Fidelity International has teamed up with a digital investment platform to offer clients access to private market assets.
The asset manager has entered a partnership with Berlin-based Moonfare, a digital investment platform for private market funds, to distribute alternative investment strategies to its clients after experiencing an increase in demand.
A press release announcing the arrangement said distribution will initially be to European clients, starting from next month with Germany, Switzerland, Italy, France and Austria and expand to cover further international markets at a later stage. Portfolio Adviser understands it is likely to be rolled out to UK clients in the summer.
Fidelity said the agreement, which is the first of its kind in its history, will see it invest a minority stake in Moonfare. In addition, Fidelity managing director of Europe Christian Staub (pictured) is to join Moonfare’s advisory committee.
Staub said: “Until now, private market funds have only been accessible to a limited group of investors. By partnering with Moonfare, our ambition is to democratise the asset class, providing access to the benefits alternative assets can offer with products carefully curated by an experienced team.”
Fidelity eyes broader alternatives expansion
Fidelity is the first institutional investor to take an equity stake in Moonfare, which was founded in Berlin in 2016 and named one of Linkedin’s top 10 start-ups in Germany in 2020.
Fidelity said Moonfare’s “emphasis on fund selection, digital platform, low investment minimums – starting from €50,000 – and disruptive fee structure that made it stand out as a partner”.

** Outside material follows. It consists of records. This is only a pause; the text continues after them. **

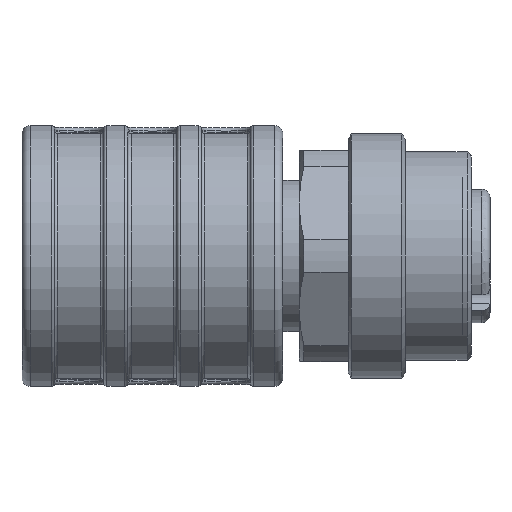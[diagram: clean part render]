
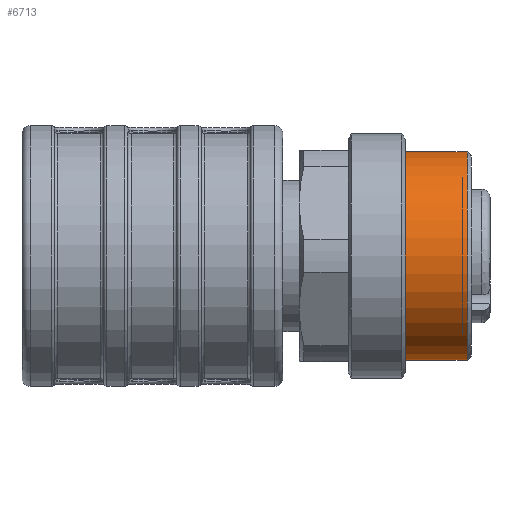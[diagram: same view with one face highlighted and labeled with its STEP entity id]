
A CAD part, left-side view. The second image highlights one B-rep face of the part: STEP entity #6713.
In plain terms, the highlighted cylindrical face has radius 6.4 mm (diameter 12.8 mm), a full revolution.
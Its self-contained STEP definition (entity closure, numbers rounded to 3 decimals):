
#769=FACE_OUTER_BOUND('',#1178,.T.);
#1178=EDGE_LOOP('',(#5103,#5104,#5105,#5106,#5107,#5108,#5109));
#1651=CIRCLE('',#7309,6.4);
#1652=CIRCLE('',#7310,6.4);
#1653=CIRCLE('',#7311,6.4);
#1654=CIRCLE('',#7313,6.4);
#1655=CIRCLE('',#7314,6.4);
#1893=LINE('',#10063,#2397);
#2397=VECTOR('',#8393,6.4);
#2960=VERTEX_POINT('',#10054);
#2961=VERTEX_POINT('',#10055);
#2962=VERTEX_POINT('',#10057);
#2963=VERTEX_POINT('',#10062);
#2964=VERTEX_POINT('',#10064);
#3755=EDGE_CURVE('',#2960,#2961,#1651,.T.);
#3756=EDGE_CURVE('',#2962,#2960,#1652,.T.);
#3757=EDGE_CURVE('',#2961,#2962,#1653,.T.);
#3759=EDGE_CURVE('',#2962,#2963,#1893,.T.);
#3760=EDGE_CURVE('',#2963,#2964,#1654,.T.);
#3761=EDGE_CURVE('',#2964,#2963,#1655,.T.);
#5103=ORIENTED_EDGE('',*,*,#3755,.T.);
#5104=ORIENTED_EDGE('',*,*,#3757,.T.);
#5105=ORIENTED_EDGE('',*,*,#3759,.T.);
#5106=ORIENTED_EDGE('',*,*,#3760,.T.);
#5107=ORIENTED_EDGE('',*,*,#3761,.T.);
#5108=ORIENTED_EDGE('',*,*,#3759,.F.);
#5109=ORIENTED_EDGE('',*,*,#3756,.T.);
#6558=CYLINDRICAL_SURFACE('',#7312,6.4);
#6713=ADVANCED_FACE('',(#769),#6558,.T.);
#7309=AXIS2_PLACEMENT_3D('',#10056,#8384,#8385);
#7310=AXIS2_PLACEMENT_3D('',#10058,#8386,#8387);
#7311=AXIS2_PLACEMENT_3D('',#10059,#8388,#8389);
#7312=AXIS2_PLACEMENT_3D('',#10061,#8391,#8392);
#7313=AXIS2_PLACEMENT_3D('',#10065,#8394,#8395);
#7314=AXIS2_PLACEMENT_3D('',#10066,#8396,#8397);
#8384=DIRECTION('center_axis',(0.,1.,0.));
#8385=DIRECTION('ref_axis',(1.,0.,0.));
#8386=DIRECTION('center_axis',(0.,1.,0.));
#8387=DIRECTION('ref_axis',(1.,0.,0.));
#8388=DIRECTION('center_axis',(0.,1.,0.));
#8389=DIRECTION('ref_axis',(1.,0.,0.));
#8391=DIRECTION('center_axis',(0.,-1.,0.));
#8392=DIRECTION('ref_axis',(0.,0.,-1.));
#8393=DIRECTION('',(0.,1.,0.));
#8394=DIRECTION('center_axis',(0.,-1.,0.));
#8395=DIRECTION('ref_axis',(0.,0.,-1.));
#8396=DIRECTION('center_axis',(0.,-1.,0.));
#8397=DIRECTION('ref_axis',(0.,0.,-1.));
#10054=CARTESIAN_POINT('',(6.4,1.4,0.));
#10055=CARTESIAN_POINT('',(-6.4,1.4,0.));
#10056=CARTESIAN_POINT('Origin',(0.,1.4,0.));
#10057=CARTESIAN_POINT('',(0.,1.4,6.4));
#10058=CARTESIAN_POINT('Origin',(0.,1.4,0.));
#10059=CARTESIAN_POINT('Origin',(0.,1.4,0.));
#10061=CARTESIAN_POINT('Origin',(0.,1.2,0.));
#10062=CARTESIAN_POINT('',(0.,5.2,6.4));
#10063=CARTESIAN_POINT('',(0.,1.2,6.4));
#10064=CARTESIAN_POINT('',(0.,5.2,-6.4));
#10065=CARTESIAN_POINT('Origin',(0.,5.2,0.));
#10066=CARTESIAN_POINT('Origin',(0.,5.2,0.));

Fidelity International global chief investment officer Andrew McCaffery said: “At Fidelity, we have bold ambitions to build a broader alternatives capability in the coming years, spanning private markets, real assets and liquid alternative strategies.
“Our partnership with Moonfare and its market leading open-architecture platform, combined with the recent introduction of a new private credit team, provides a strong foundation for future growth plans in real assets and private markets.”
Stripe’s $95bn valuation shows changing nature of private companies
AJ Bell head of active portfolio Ryan Hughes said the latest valuation for unquoted global payments processing company Stripe at $95bn highlighted the changing nature of private companies.
He said: “While previously, unquoted companies may have been seen highly speculative and likely focused on small companies that weren’t big enough to have a market listing, this has changed in recent years and is well highlighted to the latest valuation for Stripe, the unquoted global payments processor which recently received a valuation of $95bn. This valuation makes it bigger than Vodafone, Prudential and Tesco put together.”
Hughes added private technology-related companies are preferring to remain unlisted to maintain control and avoid the onerous rounds of quarterly updates, which is creating opportunities for private market funds to invest in a wide opportunity set and offer investors access to previously inaccessible companies.
“I would expect interest on this type of strategy to keep on growing as investors look for ways of diversifying away from traditional listed instruments.”
Tilney managing director Jason Hollands said many growth businesses have chosen to remain private for longer than in the past, in part due to greater rewards available for management teams through the capital structures that private equity deals typically involve, but also because it is easier to restructure businesses and execute ambitious plans away from the glare of the listed markets.
“Unsurprisingly, both wealth managers and asset managers are interested in gaining exposure to the growth of private markets, where returns are also lowly correlated to listed markets. For example, we have seen a number of investment trusts build exposure to private companies alongside listed markets as part of their approach,” he said.